# Bookcase design - help needed



## Lizzie_Neill (May 16, 2010)

I am currently redecorating my living room, and I want to put in a long run of bookcases. These will run the length of one wall, and in the alcoves either side of the chimney breast. I would like to make a good job of this project, and build the bookcases to last.

I have an idea about what I would like, and I would appreciate it if anyone could comment on my design and choice of materials. (My woodworking skills are basic, so I have kept things simple.)


Design:

I am planning a modular design i.e. build individual bookcases, then line them up next to each other along the wall. (The bookcases will stand on an MDF base, to raise them up and allow room for a plinth along the bottom.)

I have attached a file showing what each individual bookcase would look like (not to scale).

The main 'box' will consist of two uprights plus top and bottom pieces, joined together with rabbet joints. The joints will be glued, and screwed from the top and side.

The 'box' will be recessed at the back, and a back panel fitted in.
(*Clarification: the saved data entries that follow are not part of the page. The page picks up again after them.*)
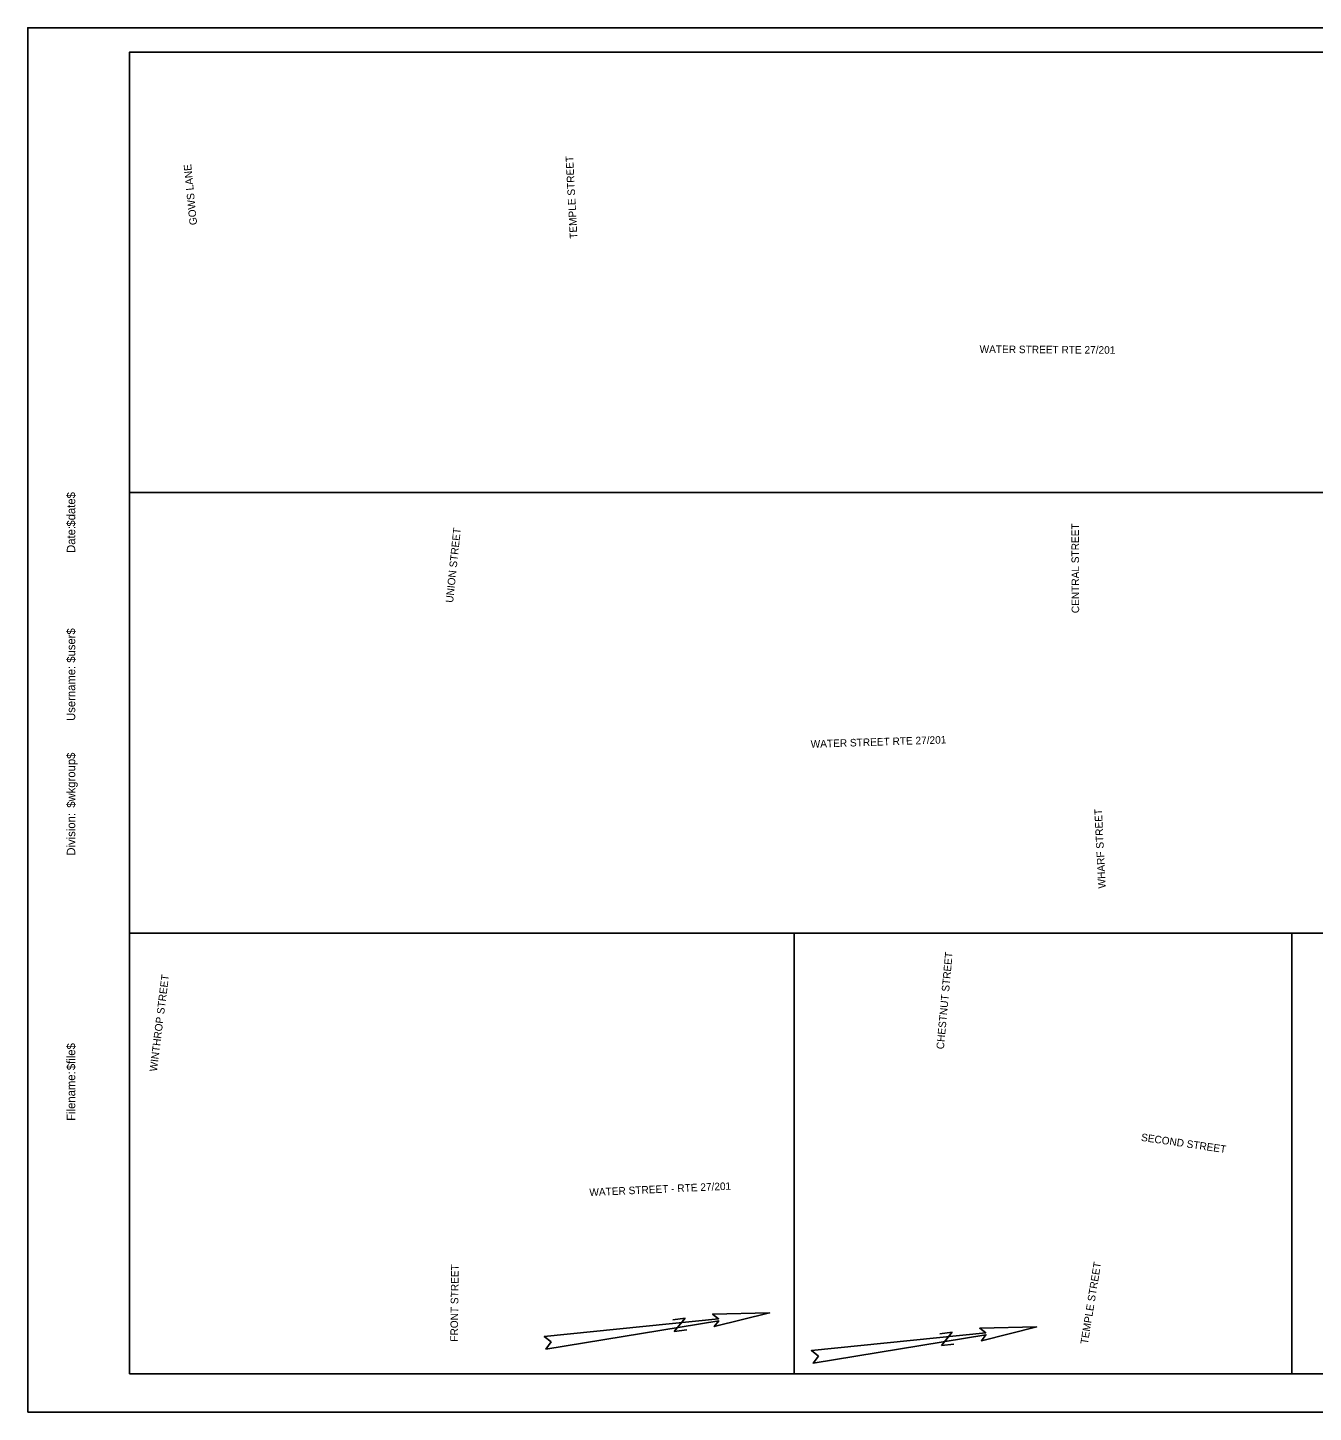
# Model space of a CAD drawing. Extents: x 0 to 850, y 0 to 550.
# Drawn here: x 0 to 511, y 0 to 550 of the extents above; entities that cross this region are included whole.
import ezdxf

# ---------------------------------------------------------------- set-up
doc = ezdxf.new("R2010")
doc.units = 0
for name, color, linetype in [('ANNOTATION', 7, 'Continuous'), ('BORDER', 7, 'Continuous'), ('D_Roadway_Centerline_Text', 7, 'Continuous'), ('Default', 7, 'Continuous'), ('H_V CONTROLS', 7, 'Continuous'), ('PLOT BOUNDARY', 7, 'Continuous')]:
    doc.layers.add(name, color=color, linetype=linetype)

msp = doc.modelspace()

# ---------------------------------------------------------------- linework, layer by layer
at = {"layer": 'BORDER'}
for p, q in [((840.33, 540.24), (40.33, 540.24)), ((40.33, 540.24), (40.33, 15.24)), ((40.33, 15.24), (840.33, 15.24))]:
    msp.add_line(p, q, dxfattribs=at)
at = {"layer": 'Default'}
for points in [[(40.33, 365.26), (790.33, 365.26), (790.33, 540.24), (40.33, 540.24)], [(40.33, 190.26), (789.25, 190.26), (789.25, 365.26), (40.33, 365.26)], [(40.33, 15.26), (304.5, 15.26), (304.5, 190.26), (40.33, 190.26)], [(304.5, 15.26), (502.28, 15.26), (502.28, 190.26), (304.5, 190.26)]]:
    msp.add_lwpolyline(points, close=True, dxfattribs=at)
at = {"layer": 'H_V CONTROLS'}
for p, q in [((294.68, 39.42), (272.05, 38.94)), ((274.42, 37.12), (272.05, 38.94)), ((294.68, 39.42), (272.7, 33.98)), ((274.42, 37.12), (205.13, 30.04)), ((274.52, 36.35), (205.79, 25.09)), ((274.52, 36.35), (272.7, 33.98)), ((400.84, 33.84), (378.21, 33.36)), ((380.58, 31.54), (378.21, 33.36)), ((400.84, 33.84), (378.86, 28.4)), ((207.94, 27.89), (205.13, 30.04)), ((207.94, 27.89), (205.79, 25.09)), ((380.58, 31.54), (311.29, 24.46)), ((380.68, 30.77), (311.95, 19.5)), ((380.68, 30.77), (378.86, 28.4)), ((314.1, 22.31), (311.29, 24.46)), ((314.1, 22.31), (311.95, 19.5))]:
    msp.add_line(p, q, dxfattribs=at)
for points in [[(207.94, 27.89), (205.79, 25.09), (274.52, 36.35), (272.7, 33.98), (294.68, 39.42), (272.05, 38.94), (274.42, 37.12), (205.13, 30.04), (207.94, 27.89)], [(256.2, 36.69), (261.16, 37.35)], [(261.16, 37.35), (256.83, 32.01)], [(314.1, 22.31), (311.95, 19.5), (380.68, 30.77), (378.86, 28.4), (400.84, 33.84), (378.21, 33.36), (380.58, 31.54), (311.29, 24.46), (314.1, 22.31)], [(256.83, 32.01), (261.78, 32.67)], [(362.36, 31.11), (367.32, 31.77)], [(367.32, 31.77), (362.99, 26.43)], [(362.99, 26.43), (367.94, 27.08)]]:
    msp.add_lwpolyline(points, dxfattribs=at)
at = {"layer": 'PLOT BOUNDARY'}
msp.add_lwpolyline([(-0.13, -0.05), (849.87, -0.05), (849.87, 549.95), (-0.13, 549.95)], close=True, dxfattribs=at)

# ---------------------------------------------------------------- texts
at = {"layer": 'ANNOTATION'}
msp.add_text('WHARF STREET', height=3, rotation=92.8597, dxfattribs=at).set_placement((428.31, 208.11))
at = {"layer": 'BORDER'}
for s, p in [('$date$', (18.76, 351.77)), ('Date:', (18.76, 341.33)), ('$user$', (18.76, 297.7)), ('Username:', (18.76, 274.58)), ('$wkgroup$', (18.76, 240.09)), ('Division:', (18.76, 221.08)), ('$file$', (18.76, 135.87)), ('Filename:', (18.76, 115.74))]:
    msp.add_text(s, height=3.348, rotation=90, dxfattribs=at).set_placement(p)
at = {"layer": 'D_Roadway_Centerline_Text'}
for s, rotation, p in [('GOWS LANE', 95.687, (67.23, 471.69)), ('TEMPLE STREET', 93.007, (218.34, 466.17)), ('WATER STREET RTE 27/201', 359.6018, (378.15, 420.78)), ('CENTRAL STREET', 90.1284, (417.72, 317.39)), ('UNION STREET', 83.9626, (168.9, 321.41)), ('WATER STREET RTE 27/201', 1.8745, (311.08, 263.89)), ('CHESTNUT STREET', 84.7686, (363.95, 144.07)), ('WINTHROP STREET', 82.8497, (51.23, 135.18)), ('SECOND STREET', 351.7014, (442.18, 107.8)), ('WATER STREET - RTE 27/201', 2.6177, (223.14, 85.82)), ('FRONT STREET', 89.3055, (170.8, 27.98)), ('TEMPLE STREET', 80.6279, (421.14, 26.83))]:
    msp.add_text(s, height=3, rotation=rotation, dxfattribs=at).set_placement(p)

doc.saveas('drawing.dxf')

The back panel will be glued, and screwed every 150mm.

Inside the 'box' there will be 5 fixed shelves, joined to the uprights with housing joints. The joints will be glued, and screwed diagonally upwards.


Materials:

I want to use solid oak for everything except the back panels. (I am planning to use oak veneered plywood or MDF for the back panels.) The timber will be 300mm wide and 20mm thick.

Is this feasible? I am very concerned about possible movement of the timber.

Is 300mm too wide for the boards? Will they warp? (When I contacted timber suppliers for quotes, several said that they don't supply that width because it will cup.) Would it be better to use narrower wood joined together (e.g. two pieces 150mm wide) to achieve the 300mm width?

Is the current design right for these materials? I've read about using appropriate joinery techniques that allow for the movement of the wood, but I don't know what these are.



Sorry if that was too much information. I'm just concerned that I will spend a lot of time and money on this project, only to spoil it because of bad design or inappropriate materials.

Many thanks in advance for the help.

Lizzie


----------



## cabinetman (Jul 5, 2007)

*WELCOME TO THE FORUM*

Your design and sizes and joinery look fine. I would first suggest not to use solid lumber on the cabinet parts or the shelving. You would save money by using Oak plywood and adding a solid wood or veneer tape to the front edges.

Oak plywood will stay more stable, and there won't be any movement issues. You can glue all the joints and including your "housing" joints, which I call dadoes. The backs can be installed in a recessed rabbet and it can be 1/4" plywood, but it doesn't have to be glued in. You can brad nail or staple the back into the recess.

Your assembly can be simplified if you mark the outside of any complete units that will be seen. All the cabinets that stack next to each other, or the sides are hidden by walls, you can shoot a brad nail, or a staple through the ends into the shelves. Or, on the ones with finished ends, you can just glue and clamp the shelves into the dadoes.

You might consider making some of the shelves adjustable. You can simplify your rabbets with the tops and bottoms into the ends by configuring your rabbets like this.


----------



## phinds (Mar 25, 2009)

I agree w/ cabinetman about the plywood but if these are for the long term, I would not use veneer for the faces but rather use sold wood strips at least 1/2" thick with a tongue/groove joint to the edges. Lots more work than veneer but to my mind a much more professional and lasting technique.

I particularly ageee w/ him about making the shelves, or at least some of them, adjustable. If you don't do that you are likely to regret it in the long run.

Also, I don't understand why you would bother to do recesses on the rear panels since they won't be seen. Keep them slightly back from the visible edges and just glue/screw or glue/brad in place.


----------